Data Protection Excellence Network (DPEX) | About Us

About Us

About the Data Protection Excellence (DPEX) Network

The Data Protection Excellence (DPEX) Network is the first of its kind facility in the ASEAN region whose aim is to provide leadership, best practices, training, research and support for all things surrounding data privacy from an operational perspective.

This collaboration of partnerships comprise certification bodies, law firms, universities and organisations who provide professional services and technologies relating to data privacy.

An ever-growing network of certification and learning bodies, members currently include Straits Interactive, De La Salle University, Philippines, International Islamic University of Malaysia, National Institute of Development Administration - NIDA, Thailand, Singapore Management University Academy and Telkom University, Indonesia, IAPP, EXIN and OCEG.
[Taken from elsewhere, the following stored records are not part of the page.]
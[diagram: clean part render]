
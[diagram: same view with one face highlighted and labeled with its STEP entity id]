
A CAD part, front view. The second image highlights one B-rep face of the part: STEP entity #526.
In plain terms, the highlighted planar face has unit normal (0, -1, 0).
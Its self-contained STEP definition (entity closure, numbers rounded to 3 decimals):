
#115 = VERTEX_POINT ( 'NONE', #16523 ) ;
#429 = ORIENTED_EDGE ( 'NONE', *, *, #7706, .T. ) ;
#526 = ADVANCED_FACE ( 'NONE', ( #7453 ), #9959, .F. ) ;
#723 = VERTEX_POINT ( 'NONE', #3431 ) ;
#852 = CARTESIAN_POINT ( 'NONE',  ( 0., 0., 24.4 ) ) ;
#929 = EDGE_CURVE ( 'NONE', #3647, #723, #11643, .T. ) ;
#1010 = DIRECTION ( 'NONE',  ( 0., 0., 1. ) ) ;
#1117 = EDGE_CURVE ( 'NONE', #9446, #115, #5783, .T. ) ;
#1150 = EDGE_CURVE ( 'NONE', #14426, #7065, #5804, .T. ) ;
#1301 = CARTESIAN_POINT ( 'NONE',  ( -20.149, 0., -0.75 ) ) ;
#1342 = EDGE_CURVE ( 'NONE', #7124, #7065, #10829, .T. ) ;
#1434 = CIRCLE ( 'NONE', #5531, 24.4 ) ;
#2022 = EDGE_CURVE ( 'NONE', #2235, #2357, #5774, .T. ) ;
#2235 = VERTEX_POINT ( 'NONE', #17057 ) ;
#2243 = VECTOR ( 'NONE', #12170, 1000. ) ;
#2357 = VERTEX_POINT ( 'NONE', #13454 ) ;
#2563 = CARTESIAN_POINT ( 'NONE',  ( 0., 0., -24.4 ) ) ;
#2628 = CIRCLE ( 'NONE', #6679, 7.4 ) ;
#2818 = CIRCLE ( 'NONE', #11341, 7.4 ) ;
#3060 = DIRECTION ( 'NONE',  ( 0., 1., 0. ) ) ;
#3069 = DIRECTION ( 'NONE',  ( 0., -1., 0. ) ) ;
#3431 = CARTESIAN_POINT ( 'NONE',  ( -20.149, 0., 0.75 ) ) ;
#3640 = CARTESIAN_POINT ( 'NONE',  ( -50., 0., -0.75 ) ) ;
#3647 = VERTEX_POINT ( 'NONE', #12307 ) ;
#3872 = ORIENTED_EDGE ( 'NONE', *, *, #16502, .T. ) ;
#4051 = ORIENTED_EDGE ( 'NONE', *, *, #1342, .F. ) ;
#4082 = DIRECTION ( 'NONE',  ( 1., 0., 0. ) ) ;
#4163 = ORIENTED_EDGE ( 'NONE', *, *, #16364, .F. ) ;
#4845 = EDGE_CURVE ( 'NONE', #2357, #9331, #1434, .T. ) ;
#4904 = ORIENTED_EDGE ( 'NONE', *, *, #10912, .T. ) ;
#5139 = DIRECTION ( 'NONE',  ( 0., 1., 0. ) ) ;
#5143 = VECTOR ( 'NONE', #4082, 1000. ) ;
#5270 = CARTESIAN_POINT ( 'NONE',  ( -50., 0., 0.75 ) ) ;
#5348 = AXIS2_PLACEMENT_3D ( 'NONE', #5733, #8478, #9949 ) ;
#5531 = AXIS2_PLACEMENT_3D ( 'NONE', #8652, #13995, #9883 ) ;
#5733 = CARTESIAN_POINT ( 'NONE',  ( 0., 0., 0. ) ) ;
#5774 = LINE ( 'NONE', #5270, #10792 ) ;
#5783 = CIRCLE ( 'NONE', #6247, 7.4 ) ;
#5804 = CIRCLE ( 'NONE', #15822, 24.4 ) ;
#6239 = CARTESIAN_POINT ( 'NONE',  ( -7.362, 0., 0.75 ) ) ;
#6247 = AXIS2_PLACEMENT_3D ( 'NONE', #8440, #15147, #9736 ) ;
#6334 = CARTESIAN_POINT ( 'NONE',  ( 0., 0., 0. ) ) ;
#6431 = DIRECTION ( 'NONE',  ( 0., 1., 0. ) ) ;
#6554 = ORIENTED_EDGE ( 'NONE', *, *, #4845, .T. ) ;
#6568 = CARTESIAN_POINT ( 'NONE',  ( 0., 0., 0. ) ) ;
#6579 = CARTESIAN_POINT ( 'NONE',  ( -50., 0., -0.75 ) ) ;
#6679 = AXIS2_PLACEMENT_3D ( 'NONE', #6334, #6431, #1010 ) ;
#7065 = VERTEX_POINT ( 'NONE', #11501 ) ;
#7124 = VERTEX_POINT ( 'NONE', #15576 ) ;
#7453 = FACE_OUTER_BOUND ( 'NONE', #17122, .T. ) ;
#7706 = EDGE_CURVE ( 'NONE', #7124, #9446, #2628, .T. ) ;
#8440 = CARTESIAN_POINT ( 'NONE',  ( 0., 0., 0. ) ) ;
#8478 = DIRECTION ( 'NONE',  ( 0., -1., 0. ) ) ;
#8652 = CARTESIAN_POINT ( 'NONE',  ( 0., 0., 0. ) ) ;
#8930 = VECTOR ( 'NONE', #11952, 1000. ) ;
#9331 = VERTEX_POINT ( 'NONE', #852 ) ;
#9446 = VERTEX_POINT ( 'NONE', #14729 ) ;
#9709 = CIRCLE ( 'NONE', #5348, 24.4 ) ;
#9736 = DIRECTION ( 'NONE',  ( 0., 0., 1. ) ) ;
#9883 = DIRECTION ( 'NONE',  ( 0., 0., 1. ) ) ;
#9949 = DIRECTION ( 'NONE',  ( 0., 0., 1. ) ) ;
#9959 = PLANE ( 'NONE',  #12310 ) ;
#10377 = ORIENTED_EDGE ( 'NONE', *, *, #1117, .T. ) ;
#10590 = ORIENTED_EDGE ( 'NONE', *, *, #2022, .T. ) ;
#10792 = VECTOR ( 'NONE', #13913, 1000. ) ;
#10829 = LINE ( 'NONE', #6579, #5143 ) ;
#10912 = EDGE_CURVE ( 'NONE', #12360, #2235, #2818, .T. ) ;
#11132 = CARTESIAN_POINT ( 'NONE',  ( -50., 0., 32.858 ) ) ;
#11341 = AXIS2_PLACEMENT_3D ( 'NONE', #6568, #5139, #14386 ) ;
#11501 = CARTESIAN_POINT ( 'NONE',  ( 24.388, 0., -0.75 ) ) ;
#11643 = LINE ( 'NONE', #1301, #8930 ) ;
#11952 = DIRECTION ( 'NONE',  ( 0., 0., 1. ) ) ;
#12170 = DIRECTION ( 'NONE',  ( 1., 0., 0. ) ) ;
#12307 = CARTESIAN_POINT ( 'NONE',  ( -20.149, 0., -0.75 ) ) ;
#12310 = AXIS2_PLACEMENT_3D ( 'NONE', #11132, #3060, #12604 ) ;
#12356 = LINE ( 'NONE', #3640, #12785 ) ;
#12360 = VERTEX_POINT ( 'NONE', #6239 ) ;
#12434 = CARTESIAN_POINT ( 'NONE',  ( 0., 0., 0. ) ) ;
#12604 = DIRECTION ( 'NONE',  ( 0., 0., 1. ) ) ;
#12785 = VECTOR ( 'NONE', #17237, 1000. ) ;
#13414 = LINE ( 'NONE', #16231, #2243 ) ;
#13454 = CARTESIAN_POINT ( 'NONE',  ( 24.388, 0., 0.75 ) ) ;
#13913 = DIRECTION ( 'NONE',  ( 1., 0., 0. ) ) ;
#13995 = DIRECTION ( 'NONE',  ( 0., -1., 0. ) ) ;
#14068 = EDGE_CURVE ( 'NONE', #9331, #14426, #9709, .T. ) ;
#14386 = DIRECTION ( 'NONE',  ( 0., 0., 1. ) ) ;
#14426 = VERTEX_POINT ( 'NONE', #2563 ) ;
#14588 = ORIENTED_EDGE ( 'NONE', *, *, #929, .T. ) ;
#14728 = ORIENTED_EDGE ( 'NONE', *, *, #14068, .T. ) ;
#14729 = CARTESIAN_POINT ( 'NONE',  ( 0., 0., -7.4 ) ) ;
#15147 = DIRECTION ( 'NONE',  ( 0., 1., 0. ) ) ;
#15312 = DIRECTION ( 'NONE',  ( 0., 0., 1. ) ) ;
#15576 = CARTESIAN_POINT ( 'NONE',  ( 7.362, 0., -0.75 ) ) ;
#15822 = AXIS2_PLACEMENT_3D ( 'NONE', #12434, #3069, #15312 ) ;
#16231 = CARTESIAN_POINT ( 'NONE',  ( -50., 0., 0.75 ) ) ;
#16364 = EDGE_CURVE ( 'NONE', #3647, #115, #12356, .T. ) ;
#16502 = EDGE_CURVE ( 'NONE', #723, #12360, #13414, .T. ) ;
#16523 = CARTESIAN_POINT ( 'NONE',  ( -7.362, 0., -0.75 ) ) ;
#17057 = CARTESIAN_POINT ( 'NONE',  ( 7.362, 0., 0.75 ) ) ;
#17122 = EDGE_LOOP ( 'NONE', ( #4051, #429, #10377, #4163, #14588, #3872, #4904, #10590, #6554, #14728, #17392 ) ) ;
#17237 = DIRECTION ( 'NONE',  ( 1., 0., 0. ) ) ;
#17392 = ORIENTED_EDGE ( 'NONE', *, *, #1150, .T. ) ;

The DPEX Network is honoured to have the following Independent International Advisors on the panel, who volunteer their services to guide the community in their competency and compliance journey in the region.

Kevin Shepherdson

As the CEO and Founder of Straits Interactive Pte Ltd, Kevin provides and drives the vision, strategy and innovation of the company’s Data Privacy & GRC (Governance, Risk Management & Compliance) offerings that build upon the foundation of enabling trusted businesses and responsible marketing. He is the international author of 99 Privacy Breaches to be aware of and is adjunct with Singapore Management University.

Dr Prapanpong Khumon

LL.B (Chulalongkorn), LL.M (London), Ph.D. (London) Assistant Professor Khumon is Associate Dean at School of Law, University of the Thai Chamber of Commerce, Thailand. He also acts as Advisor to Secretary-General of the Personal Data Protection Commission in Thailand. He is in the Thai Board of Trade Committee on international trade negotiation. Professor Khumon published a number of scholar articles on trade in services in ASEAN and personal data protection. He leads several research projects for the National Broadcasting and Telecommunications Commission of Thailand (NBTC) and Ministry of Digital Economy and Society in shaping policies in media regulation, telecommunications liberalisation and personal data protection.

Dr. Sonny Zulhuda

Sonny is an Associate Professor and cyber law course coordinator at the Civil Law Department, Ahmad Ibrahim Kulliyyah of Laws, the International Islamic University Malaysia. His main interest is the intersection of law and technology, especially concerning information law, Internet governance, information security and data protection law. In the past few years Sonny advised the Office of Personal Data Protection Commissioner of Malaysia on various aspects of data protection law, from training to the codes of practice, and from the issues of trans-border data flow to data breach notifications.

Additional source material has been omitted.